My father has a Yanmar YM190 and the starter went out. So my dad decided to pull it off with my F-250 and dump the clutch to start it.(which I strongly disagreed with) Now the tractor acts like it is never in gear now. So my question is where to start? Is it shift forks, linkage etc. Any help would be greatly appreciated


----------



## Thomas (Nov 1, 2006)

Hope the tractor not hydro transmission.


----------



## creeser (Sep 6, 2012)

It is not hydrostatic transmission


----------



## winston (Aug 19, 2008)

Not that it matters but could this be a YM1900? Try putting the pto in gear and letting out on the clutch.
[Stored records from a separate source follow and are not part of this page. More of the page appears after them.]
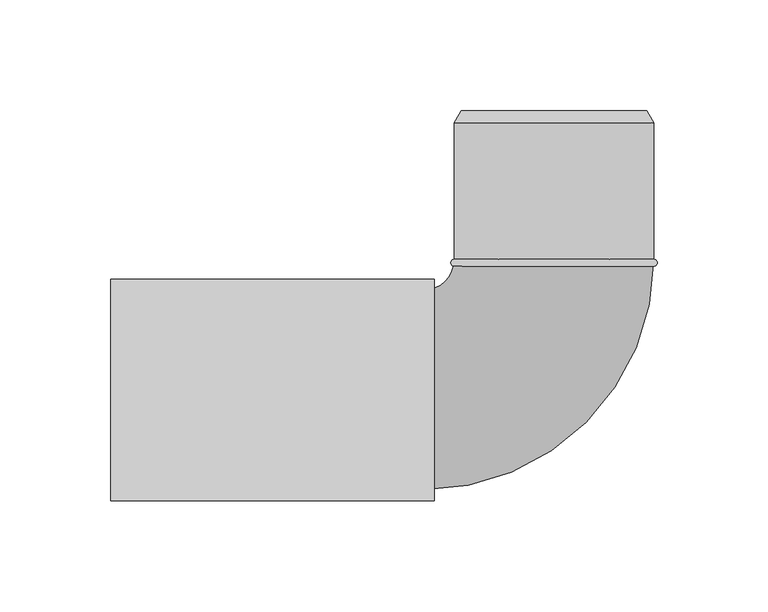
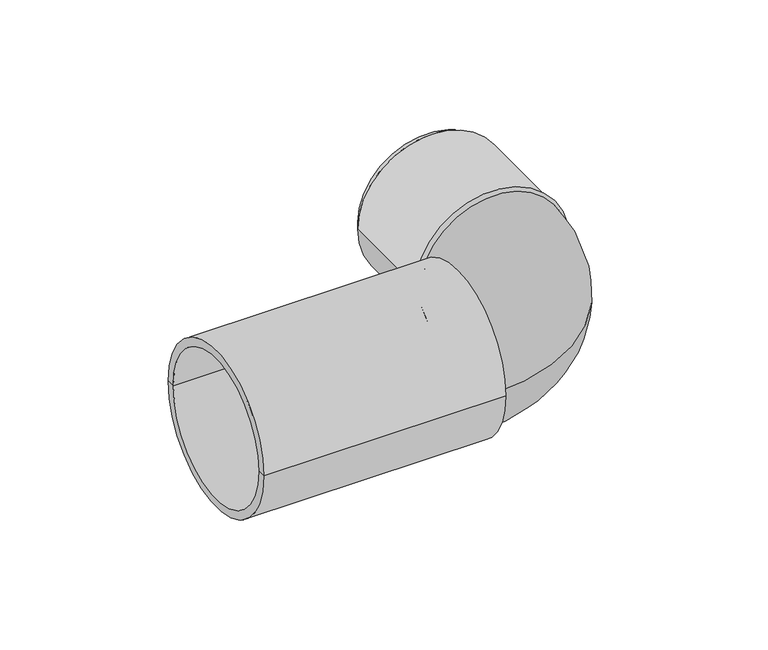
"""IFC4 building model written with IfcOpenShell, lengths in millimetres: pipe fitting geometry, NLRS_52_PIF_UN_Geberit Silent-PP aansluitbocht 87,5° voor wc_PRO_101524 : DN90-100 / d90-110 - OD."""

from ifc_helpers import new_model, si_unit, point, frame, origin, place, context, project, spatial, polyline, circle_curve, ellipse_curve, trimmed, source, transform, mapped, element, save
from ifc_brep_helpers import plane_surface, cylinder_surface, revolved_surface, advanced_brep


def pipe_fitting_2ba4615a(model_context):
    return source(origin(), model_context, "Body", "AdvancedBrep", [
        advanced_brep(
        [(45.0, 55.9, 0.0), (-45.0, 55.9, 0.0), (-45.0, 59.0, 0.0), (45.0, 59.0, 0.0)],
        [
            (0, 1, circle_curve(frame((0.0, 55.9, 0.0), z_axis=(0.0, 1.0, 0.0), x_axis=(-1.0, 0.0, 0.0)), 45.0)),
            (1, 2, circle_curve(frame((-45.0, 57.45, 0.0), z_axis=(0.0, 0.0, -1.0), x_axis=(0.0, 1.0, 0.0)), 1.55)),
            (2, 3, circle_curve(frame((0.0, 59.0, 0.0), z_axis=(0.0, -1.0, 0.0), x_axis=(-1.0, 0.0, 0.0)), 45.0)),
            (3, 0, circle_curve(frame((45.0, 57.45, 0.0), z_axis=(0.0, 0.0, -1.0), x_axis=(0.0, 1.0, 0.0)), 1.55)),
            (1, 0, circle_curve(frame((0.0, 55.9, 0.0), z_axis=(0.0, 1.0, 0.0), x_axis=(-1.0, 0.0, 0.0)), 45.0)),
            (3, 2, circle_curve(frame((0.0, 59.0, 0.0), z_axis=(0.0, -1.0, 0.0), x_axis=(-1.0, 0.0, 0.0)), 45.0)),
            (2, 1),
            (0, 3),
        ],
        [
            revolved_surface(trimmed(ellipse_curve(frame((-45.0, 57.45, 0.0), z_axis=(0.0, 0.0, 1.0), x_axis=(0.0, 1.0, 0.0)), 1.55, 1.55), [point((-45.0, 59.0, 0.0))], [point((-45.0, 55.9, 0.0))], True, "CARTESIAN"), (0.0, 47.3909381, 0.0), (0.0, -1.0, 0.0)),
            revolved_surface(polyline([(-45.0, 55.9, 0.0), (-45.0, 59.0, 0.0)]), (0.0, 47.3909381, 0.0), (0.0, -1.0, 0.0)),
        ],
        [
            (0, [[1, 2, 3, 4]]),
            (0, [[5, -4, 6, -2]]),
            (1, [[-3, 7, -1, 8]]),
            (1, [[-6, -8, -5, -7]]),
        ],
    ),
        advanced_brep(
        [(41.9, 126.0, 0.0), (-41.9, 126.0, 0.0), (0.0, 126.0, 0.0), (45.0, 120.6306425, 0.0), (-45.0, 120.6306425, 0.0), (45.0, 59.0, 0.0), (-45.0, 59.0, 0.0), (0.0, 59.0, 0.0)],
        [
            (0, 1, circle_curve(frame((0.0, 126.0, 0.0), z_axis=(0.0, 1.0, 0.0), x_axis=(-1.0, 0.0, 0.0)), 41.9)),
            (1, 2),
            (2, 0),
            (1, 0, circle_curve(frame((0.0, 126.0, 0.0), z_axis=(0.0, 1.0, 0.0), x_axis=(-1.0, 0.0, 0.0)), 41.9)),
            (3, 4, circle_curve(frame((0.0, 120.6306425, 0.0), z_axis=(0.0, 1.0, 0.0), x_axis=(-1.0, 0.0, 0.0)), 45.0)),
            (4, 1),
            (0, 3),
            (4, 3, circle_curve(frame((0.0, 120.6306425, 0.0), z_axis=(0.0, 1.0, 0.0), x_axis=(-1.0, 0.0, 0.0)), 45.0)),
            (5, 6, circle_curve(frame((0.0, 59.0, 0.0), z_axis=(0.0, 1.0, 0.0), x_axis=(-1.0, 0.0, 0.0)), 45.0)),
            (6, 4),
            (3, 5),
            (6, 5, circle_curve(frame((0.0, 59.0, 0.0), z_axis=(0.0, 1.0, 0.0), x_axis=(-1.0, 0.0, 0.0)), 45.0)),
            (7, 6),
            (5, 7),
        ],
        [
            plane_surface(frame((0.0, 126.0, 0.0), z_axis=(0.0, 1.0, 0.0), x_axis=(-1.0, 0.0, 0.0))),
            revolved_surface(polyline([(-41.9, 126.0, 0.0), (-45.0, 120.6306425, 0.0)]), (0.0, 141.0, 0.0), (0.0, -1.0, 0.0)),
            cylinder_surface(frame((0.0, 141.0, 0.0), z_axis=(0.0, -1.0, 0.0), x_axis=(-1.0, 0.0, 0.0)), 45.0),
            plane_surface(frame((0.0, 59.0, 0.0), z_axis=(0.0, -1.0, 0.0), x_axis=(-1.0, 0.0, 0.0))),
        ],
        [
            (0, [[1, 2, 3]]),
            (0, [[4, -3, -2]]),
            (1, [[5, 6, -1, 7]]),
            (1, [[8, -7, -4, -6]]),
            (2, [[9, 10, -5, 11]]),
            (2, [[12, -11, -8, -10]]),
            (3, [[13, -9, 14]]),
            (3, [[-14, -12, -13]]),
        ],
    ),
        advanced_brep(
        [(-59.0, 45.0, 0.0), (-59.0, -45.0, 0.0), (-59.0, 0.0, 0.0), (-200.0, 45.0, 0.0), (-200.0, -45.0, 0.0), (-200.0, 50.0, 0.0), (-200.0, -50.0, 0.0), (-54.0, 50.0, 0.0), (-54.0, -50.0, 0.0), (-54.0, 0.0, 0.0)],
        [
            (0, 1, circle_curve(frame((-59.0, 0.0, 0.0), z_axis=(-1.0, 0.0, 0.0), x_axis=(0.0, -1.0, 0.0)), 45.0)),
            (1, 2),
            (2, 0),
            (1, 0, circle_curve(frame((-59.0, 0.0, 0.0), z_axis=(-1.0, 0.0, 0.0), x_axis=(0.0, -1.0, 0.0)), 45.0)),
            (3, 4, circle_curve(frame((-200.0, 0.0, 0.0), z_axis=(-1.0, 0.0, 0.0), x_axis=(0.0, -1.0, 0.0)), 45.0)),
            (4, 1),
            (0, 3),
            (4, 3, circle_curve(frame((-200.0, 0.0, 0.0), z_axis=(-1.0, 0.0, 0.0), x_axis=(0.0, -1.0, 0.0)), 45.0)),
            (5, 6, circle_curve(frame((-200.0, 0.0, 0.0), z_axis=(-1.0, 0.0, 0.0), x_axis=(0.0, -1.0, 0.0)), 50.0)),
            (6, 4),
            (3, 5),
            (6, 5, circle_curve(frame((-200.0, 0.0, 0.0), z_axis=(-1.0, 0.0, 0.0), x_axis=(0.0, -1.0, 0.0)), 50.0)),
            (7, 8, circle_curve(frame((-54.0, 0.0, 0.0), z_axis=(-1.0, 0.0, 0.0), x_axis=(0.0, -1.0, 0.0)), 50.0)),
            (8, 6),
            (5, 7),
            (8, 7, circle_curve(frame((-54.0, 0.0, 0.0), z_axis=(-1.0, 0.0, 0.0), x_axis=(0.0, -1.0, 0.0)), 50.0)),
            (9, 8),
            (7, 9),
        ],
        [
            plane_surface(frame((-59.0, 0.0, 0.0), z_axis=(-1.0, 0.0, 0.0), x_axis=(0.0, -1.0, 0.0))),
            revolved_surface(polyline([(-59.0, -45.0, 0.0), (-200.0, -45.0, 0.0)]), (-34.0, 0.0, 0.0), (1.0, 0.0, 0.0)),
            plane_surface(frame((-200.0, 0.0, 0.0), z_axis=(-1.0, 0.0, 0.0), x_axis=(0.0, -1.0, 0.0))),
            cylinder_surface(frame((-34.0, 0.0, 0.0), z_axis=(1.0, 0.0, 0.0), x_axis=(0.0, -1.0, 0.0)), 50.0),
            plane_surface(frame((-54.0, 0.0, 0.0), z_axis=(1.0, 0.0, 0.0), x_axis=(0.0, -1.0, 0.0))),
        ],
        [
            (0, [[1, 2, 3]]),
            (0, [[4, -3, -2]]),
            (1, [[5, 6, -1, 7]]),
            (1, [[8, -7, -4, -6]]),
            (2, [[9, 10, -5, 11]]),
            (2, [[12, -11, -8, -10]]),
            (3, [[13, 14, -9, 15]]),
            (3, [[16, -15, -12, -14]]),
            (4, [[17, -13, 18]]),
            (4, [[-18, -16, -17]]),
        ],
    ),
        advanced_brep(
        [(-45.0, 59.0, 0.0), (45.0, 59.0, 0.0), (-59.0, 45.0, 0.0), (-59.0, -45.0, 0.0)],
        [
            (0, 1, circle_curve(frame((0.0, 59.0, 0.0), z_axis=(0.0, 1.0, 0.0), x_axis=(1.0, 0.0, 0.0)), 45.0)),
            (1, 0, circle_curve(frame((0.0, 59.0, 0.0), z_axis=(0.0, 1.0, 0.0), x_axis=(1.0, 0.0, 0.0)), 45.0)),
            (2, 3, circle_curve(frame((-59.0, 0.0, 0.0), z_axis=(-1.0, 0.0, 0.0), x_axis=(0.0, -1.0, 0.0)), 45.0)),
            (3, 2, circle_curve(frame((-59.0, 0.0, 0.0), z_axis=(-1.0, 0.0, 0.0), x_axis=(0.0, -1.0, 0.0)), 45.0)),
            (3, 1, circle_curve(frame((-59.0, 59.0, 0.0), z_axis=(0.0, 0.0, 1.0), x_axis=(1.0, 0.0, 0.0)), 104.0)),
            (0, 2, circle_curve(frame((-59.0, 59.0, 0.0), z_axis=(0.0, 0.0, -1.0), x_axis=(1.0, 0.0, 0.0)), 14.0)),
        ],
        [
            plane_surface(frame((0.0, 59.0, 0.0), z_axis=(0.0, 1.0, 0.0), x_axis=(0.0, 0.0, 1.0))),
            plane_surface(frame((-59.0, 0.0, 0.0), z_axis=(-1.0, 0.0, 0.0), x_axis=(0.0, 0.0, 1.0))),
            revolved_surface(trimmed(ellipse_curve(frame((0.0, 59.0, 0.0), z_axis=(0.0, 1.0, 0.0), x_axis=(1.0, 0.0, 0.0)), 45.0, 45.0), [point((-45.0, 59.0, 0.0))], [point((45.0, 59.0, 0.0))], True, "CARTESIAN"), (-59.0, 59.0, 0.0), (0.0, 0.0, -1.0)),
            revolved_surface(trimmed(ellipse_curve(frame((0.0, 59.0, 0.0), z_axis=(0.0, 1.0, 0.0), x_axis=(1.0, 0.0, 0.0)), 45.0, 45.0), [point((45.0, 59.0, 0.0))], [point((-45.0, 59.0, 0.0))], True, "CARTESIAN"), (-59.0, 59.0, 0.0), (0.0, 0.0, -1.0)),
        ],
        [
            (0, [[1, 2]]),
            (1, [[3, 4]]),
            (2, [[5, -1, 6, -4]]),
            (3, [[-6, -2, -5, -3]]),
        ],
    ),
    ])


if __name__ == "__main__":
    model = new_model("IFC4")
    model_context = context("Model", 3, world=origin())
    ifc_project = project(units=[si_unit("LENGTHUNIT", "METRE", prefix="MILLI")], contexts=[model_context])
    site = spatial("IfcSite", under=ifc_project)
    building = spatial("IfcBuilding", under=site)
    placement = place(None, origin())
    pipe_fitting_shape = pipe_fitting_2ba4615a(model_context)
    element("IfcPipeFitting", 1, ObjectType="NLRS_52_PIF_UN_Geberit Silent-PP aansluitbocht 87,5° voor wc_PRO_101524 : DN90-100 / d90-110 - OD", at=placement, inside=building, context=model_context, shape_type="MappedRepresentation", body=[
        mapped(pipe_fitting_shape, transform((0.0, 0.0, 0.0), x_axis=(1.0, 0.0, 0.0), y_axis=(0.0, 1.0, 0.0), z_axis=(0.0, 0.0, 1.0))),
    ])
    save(model, "model.ifc")

If it turns you know your main drive shaft and clutch are still in tact. Also, make sure your hi/low shifter is engaged good.


----------



## creeser (Sep 6, 2012)

I will try that and it says YM190 it is a older model


----------



## winston (Aug 19, 2008)

Is it green?


----------



## creeser (Sep 6, 2012)

Yes it is green however correction on model number it is a ym195 sorry for the wrong information


----------



## winston (Aug 19, 2008)

No problem, keep us posted on what you find.


----------



## creeser (Sep 6, 2012)

Dad had already checked the PTO and said no power to the rear of the tractor so we are thinking clutch or pressure plate anyone have any other suggestions


----------



## winston (Aug 19, 2008)

Assuming you did make sure the hi/lo shifter is engaged good? If the clutch pedal feels normal with freeplay at the top I believe my next step would be to remove the transmission cover and see what is or is not turning. This would be #16 in this parts drawing. http://www.hoyetractor.com/mm5/merchant.mvc?Screen=CTGY&Store_Code=HTE&Category_Code=2000TRANSCASE I sent you a pm.


----------



## creeser (Sep 6, 2012)

I sent a pm back but I am not for sure if it sent it


----------